In an actual direct democracy, the people would vote on the actual policy details, not vague generalizations only if and when it seemed likely to serve the political strategy of the ruling officials.


In any democracy, most people ultimately vote on what's put in front of them by somebody else. It can just as well be "vague generalizations".


In a direct democracy it can't be vague generalizations that the actual rulers, who are distinct from the electorate, get to choose whether and how to apply and whether or not the electorate can reconsider it, because if there are actual rulers distinct from the electorate it's not a direct democracy.

Brexit is not a failure of direct democracy.


There is no pure direct democracy at scale. You're still going to delegate authority to people doing things, and rely on their expert opinions when it comes to what to vote on.
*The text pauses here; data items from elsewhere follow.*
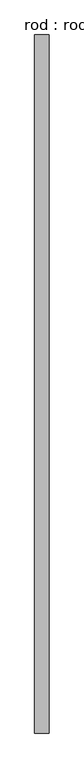
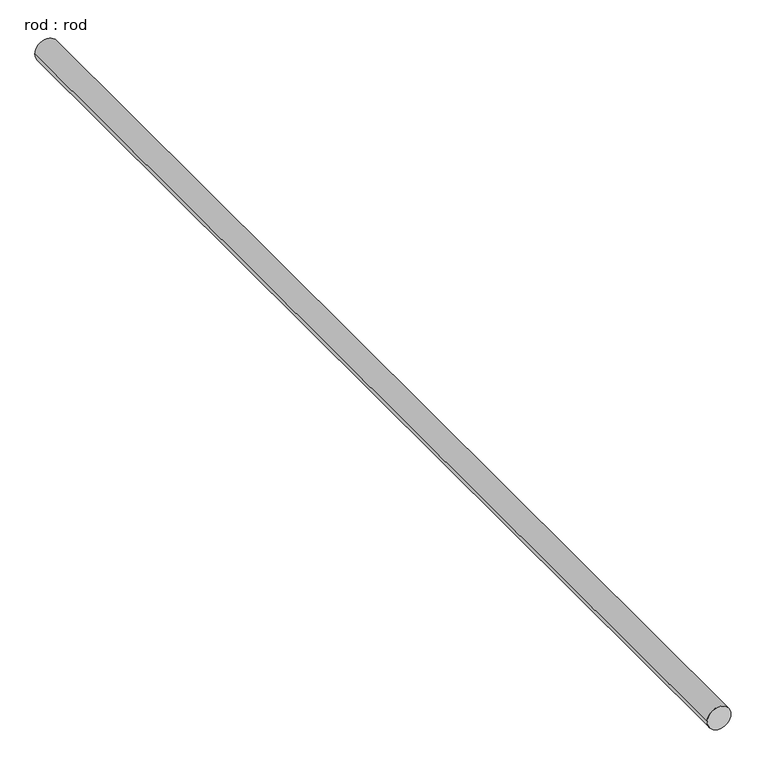
"""IFC4 building model written with IfcOpenShell, lengths in millimetres: proxy geometry, rod : rod."""

from ifc_helpers import new_model, si_unit, point, frame, frame_2d, origin, place, context, project, spatial, circle_curve, trimmed, segment, composite_curve, outline, extrude, source, transform, mapped, element, save


def rod_rod_c3f67fb2(model_context):
    return source(origin(), model_context, "Body", "SweptSolid", [
        extrude(outline(composite_curve([segment(trimmed(circle_curve(frame_2d((0.0108462, 0.0)), 200.0), [point((0.0108462, 200.0))], [point((0.0108462, -200.0))], False, "CARTESIAN"), True, "CONTINUOUS"), segment(trimmed(circle_curve(frame_2d((0.0108462, 0.0)), 200.0), [point((0.0108462, -200.0))], [point((0.0108462, 200.0))], False, "CARTESIAN"), True, "CONTINUOUS")], self_intersect=False)), frame((0.0, -5719.7713847, 0.0), z_axis=(0.0, 1.0, 0.0), x_axis=(0.0, 0.0, 1.0)), (0.0, 0.0, 1.0), 19625.0),
    ])


if __name__ == "__main__":
    model = new_model("IFC4")
    model_context = context("Model", 3, world=origin())
    ifc_project = project(units=[si_unit("LENGTHUNIT", "METRE", prefix="MILLI")], contexts=[model_context])
    site = spatial("IfcSite", under=ifc_project)
    building = spatial("IfcBuilding", under=site)
    placement = place(None, origin())
    rod_rod_shape = rod_rod_c3f67fb2(model_context)
    element("IfcBuildingElementProxy", 1, Name="rod : rod", ObjectType="rod : rod", at=placement, inside=building, context=model_context, shape_type="MappedRepresentation", body=[
        mapped(rod_rod_shape, transform((0.0, 0.0, 0.0), x_axis=(1.0, 0.0, 0.0), y_axis=(0.0, 1.0, 0.0), z_axis=(0.0, 0.0, 1.0))),
    ])
    save(model, "model.ifc")

# Revit data of these elements
# Type "rod : rod"
#   Default Elevation = 0

But in any case, in a direct democracy, if enough people want to vote on something, they can, regardless of how stupid it is. That would include Brexit etc.


How does a democracy (or any governance system backed by public will) survive if there is a 50/50 split in public will ?


If that split is over something with no middle ground, that every person considers more important than everything else put together (including survival of the democracy), then it quite simply doesn't.

Otherwise, if it's to survive, it does so by compromise, tradeoffs, bargaining, and leaving many people at least a little unhappy but not enough people unhappy enough to dismantle the system.


You can come up with this, and yet not know what populism means?

Here, Wikipedia has a decently long article on it[0] to get you up to speed.

When you're done reading, maybe you can stop prevaricating in this thread and just state whatever case you're trying to make.

[0]https://en.wikipedia.org/wiki/Populism


> What most of us want when we say we want to live in a democracy is not a true (absolute) democracy, but a limited democracy. We want a democracy within limits.

I've noticed people tend to draw the line at "too much democracy" when it starts doing what they don't want it to, and they draw the line of "not enough democracy" when it doesn't do what they want it to do.


What if the 99% want to take away the right of the 1% to own over a certain amount of wealth?

That seems like an even mobbier mob than a 51%. At some point, though, you'd figure the numbers alone grant the political fiat to turn the "mob" into the "people". Otherwise, that's one quite "limited" democracy. But, if so, I wonder what the magical ratio is.


That's mostly a theoretical concern. The 1% tends to play off half of the proles against the other half.

Alternatively, they introduce an involatile shared fiction into the public conscious, that justifies their position - such as the divine right of kings, or the sanctity of the feudal contract.


> Alternatively, they introduce an involatile shared fiction into the public conscious, that justifies their position

Like democracy=good, populism=bad ?


from google define: "a political approach that strives to appeal to ordinary people who feel that their concerns are disregarded by established elite groups."

There's difference between appeals to certain groups vs. what is in the best interests of certain groups. No doubt Patricia is saying that those with populist tendencies also have a tendency to weakening democratic institutions.


Yes it is a threat. Consider Hitler - democratically elected and serving the wants of the majority. Subsequently he dismantled the democratic institutions and sent millions to their deaths.

Democracy, in the modern sense of the word, isn't the unrestrained rule of the mob, it's a system of checks and balances that represent interests of various groups of people in order to make a more perfect union.


Wow, that was quick.


When the subject matter involves autocrats and populism godwinson's rule applies a bit less since hitler is directly within the discussion.


> When the subject matter involves autocrats and populism godwinson's rule applies a bit less

No, it’s just less surprising of a finding in that case. Remember Godwin's Law is: “As an online discussion grows longer, the probability of a comparison involving Nazis or Hitler approaches 1”.


At what point would you consider a comparison to or analogy using Hitler to be appropriate?